BEGIN
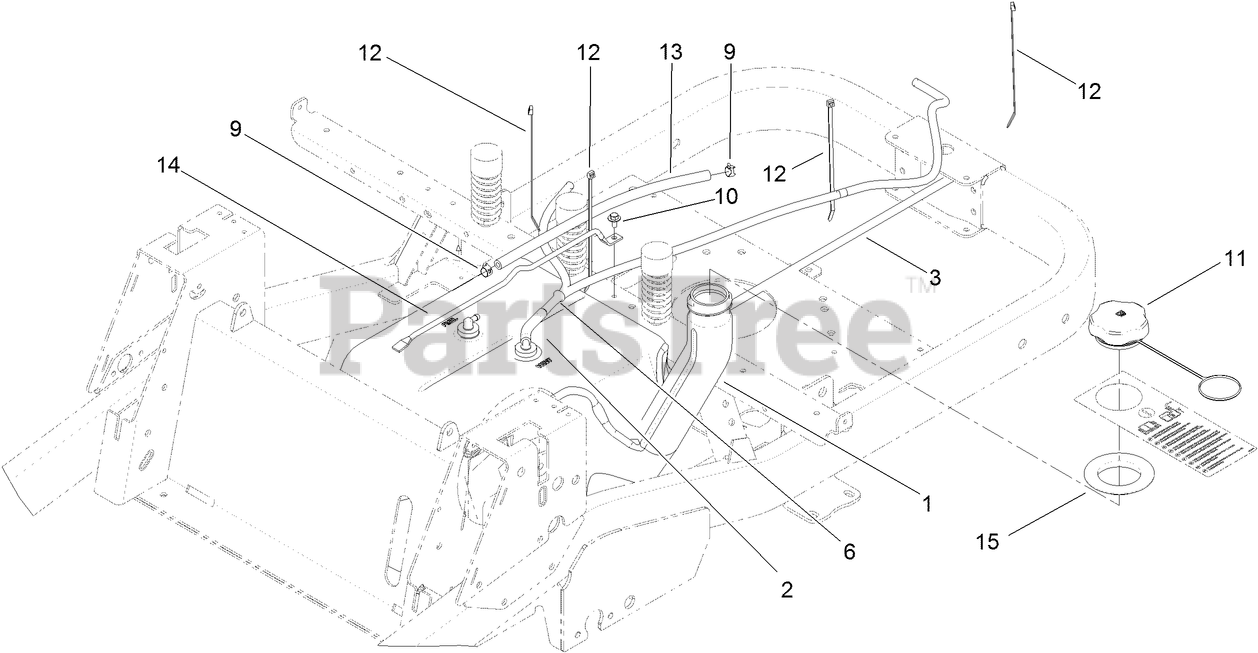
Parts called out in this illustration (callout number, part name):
1	FUEL TANK ASM
2	HOSE-FUEL
3	HOSE-FUEL
6	ADAPTER-ORIFICE
9	CLAMP-HOSE
10	SCREW-HHFTF
11	CAP-FUEL
12	TIE-CABLE
13	HOSE-FUEL
14	ROD-TANK, GAS
15	SEAL-TANK
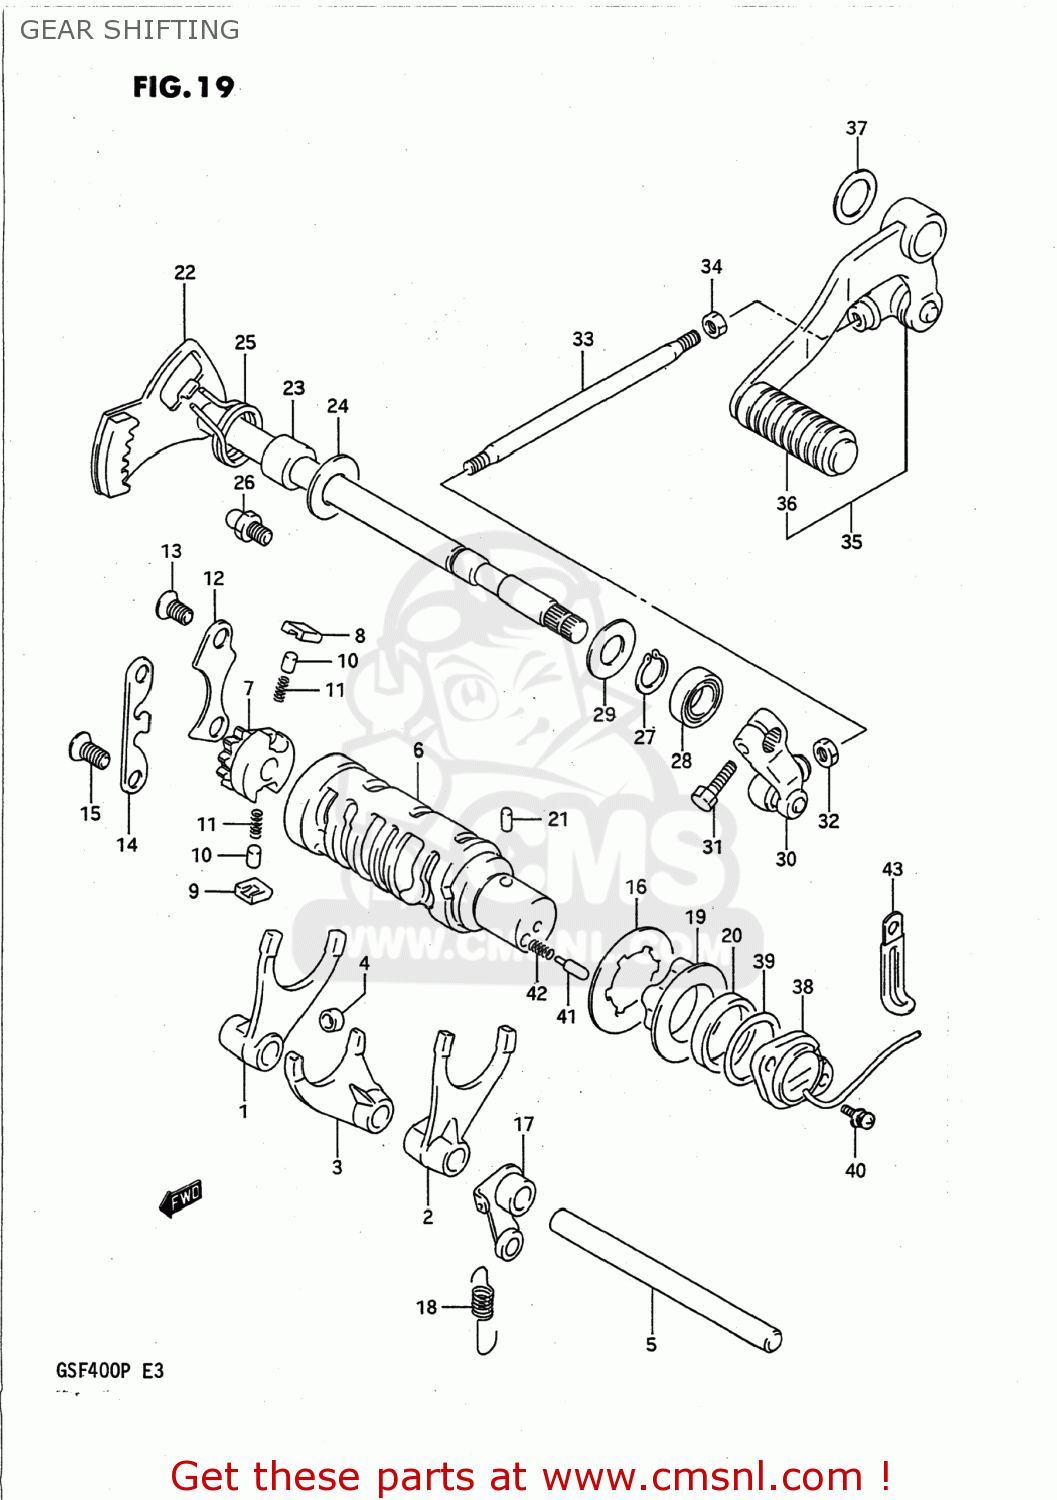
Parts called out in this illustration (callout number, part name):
1	FORK,GEAR SHIFT NO.1
2	FORK,GEAR SHIFT NO.2
3	FORK,GEAR SHIFT NO.3
4	SPACER(6X9.8X6)
5	SHAFT,GEAR SHIFT FORK
6	CAM,GEAR SHIFT
7	GEAR,GEARSHIFT CAM DRIVE
8	PAWL,GEAR SHIFT NO.1
9	PAWL,GEAR SHIFT NO.2
10	PIN(5X8)
11	SPRING
12	LIFTER,GEAR SHIFT PAWL
13	SCREW
14	GUIDE,GEAR SHIFT CAM
15	SCREW
16	WASHER,LOCK
17	STOPPER,GEAR SHIFTING
18	SPRING
19	PLATE,SHIFT CAM STOPPER
20	SPACER (25X30.1X6)
21	PIN 4X6
22	SHAFT,GEAR SHIFT
23	SPACER(12X20X13.8)
24	WASHER
25	SPRING
26	STOPPER,GEAR SHIFT ARM
27	CIRCLIP,12 MM
28	OIL SEAL
29	WASHER (14.2X22X1)
30	ARM,GEAR SHIFT LINK
31	BOLT
32	NUT 6MM
33	ROD,GEAR SHIFT LINK
34	NUT
35	LEVER ASSEMBLY,GEAR SHIFTING
36	RUBBER,GEAR SHIFT PEDAL
37	WASHER(18.2X27X1)
38	BASE ASSY,NEUTRAL SW TERMINAL
39	O-RING (D:2.4 ID:26.2)
40	SCREW
41	PIN(5X15.5)
42	SPRING
43	CLAMP
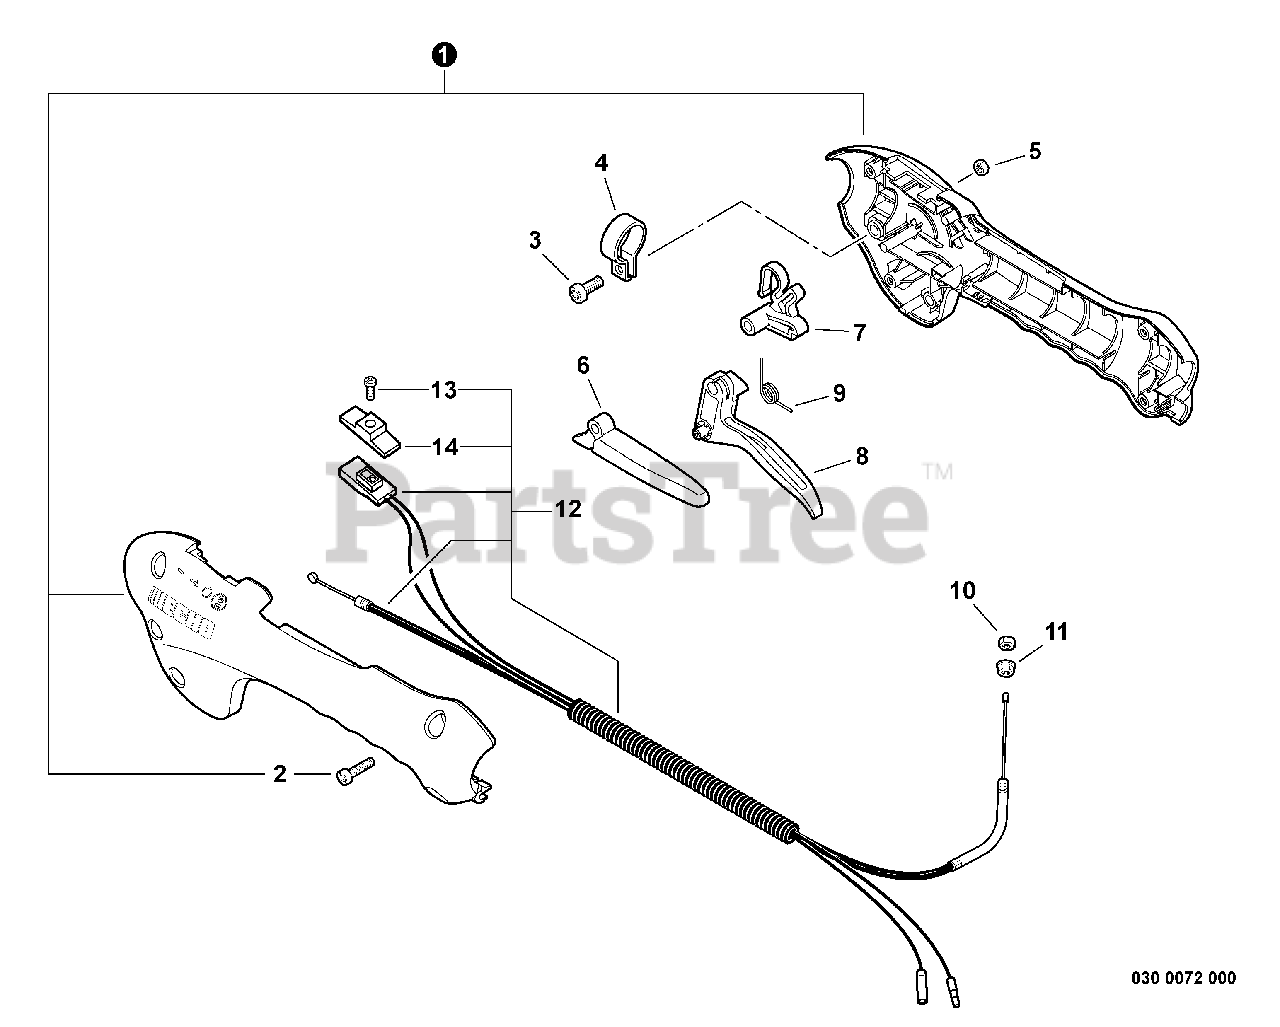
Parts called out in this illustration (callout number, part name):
1	CONTROL HANDLE ASSY
2	SCREW - 4X16 -- TAPPING
3	SCREW - 5X16
6	LEVER, TRIGGER LOCKOUT
7	LOCKOUT, THROTTLE
8	TRIGGER, THROTTLE
9	SPRING, TRIGGER
11	NUT - 6 -- FLANGE
12	CONTROL CABLE ASSY
13	SCREW - 3X10
14	KNOB, SWITCH - ORANGE
END
## Exercise goal
Among the entries above, how many lines include "THROTTLE"? State the number and nothing else.

## Result of the exercise
2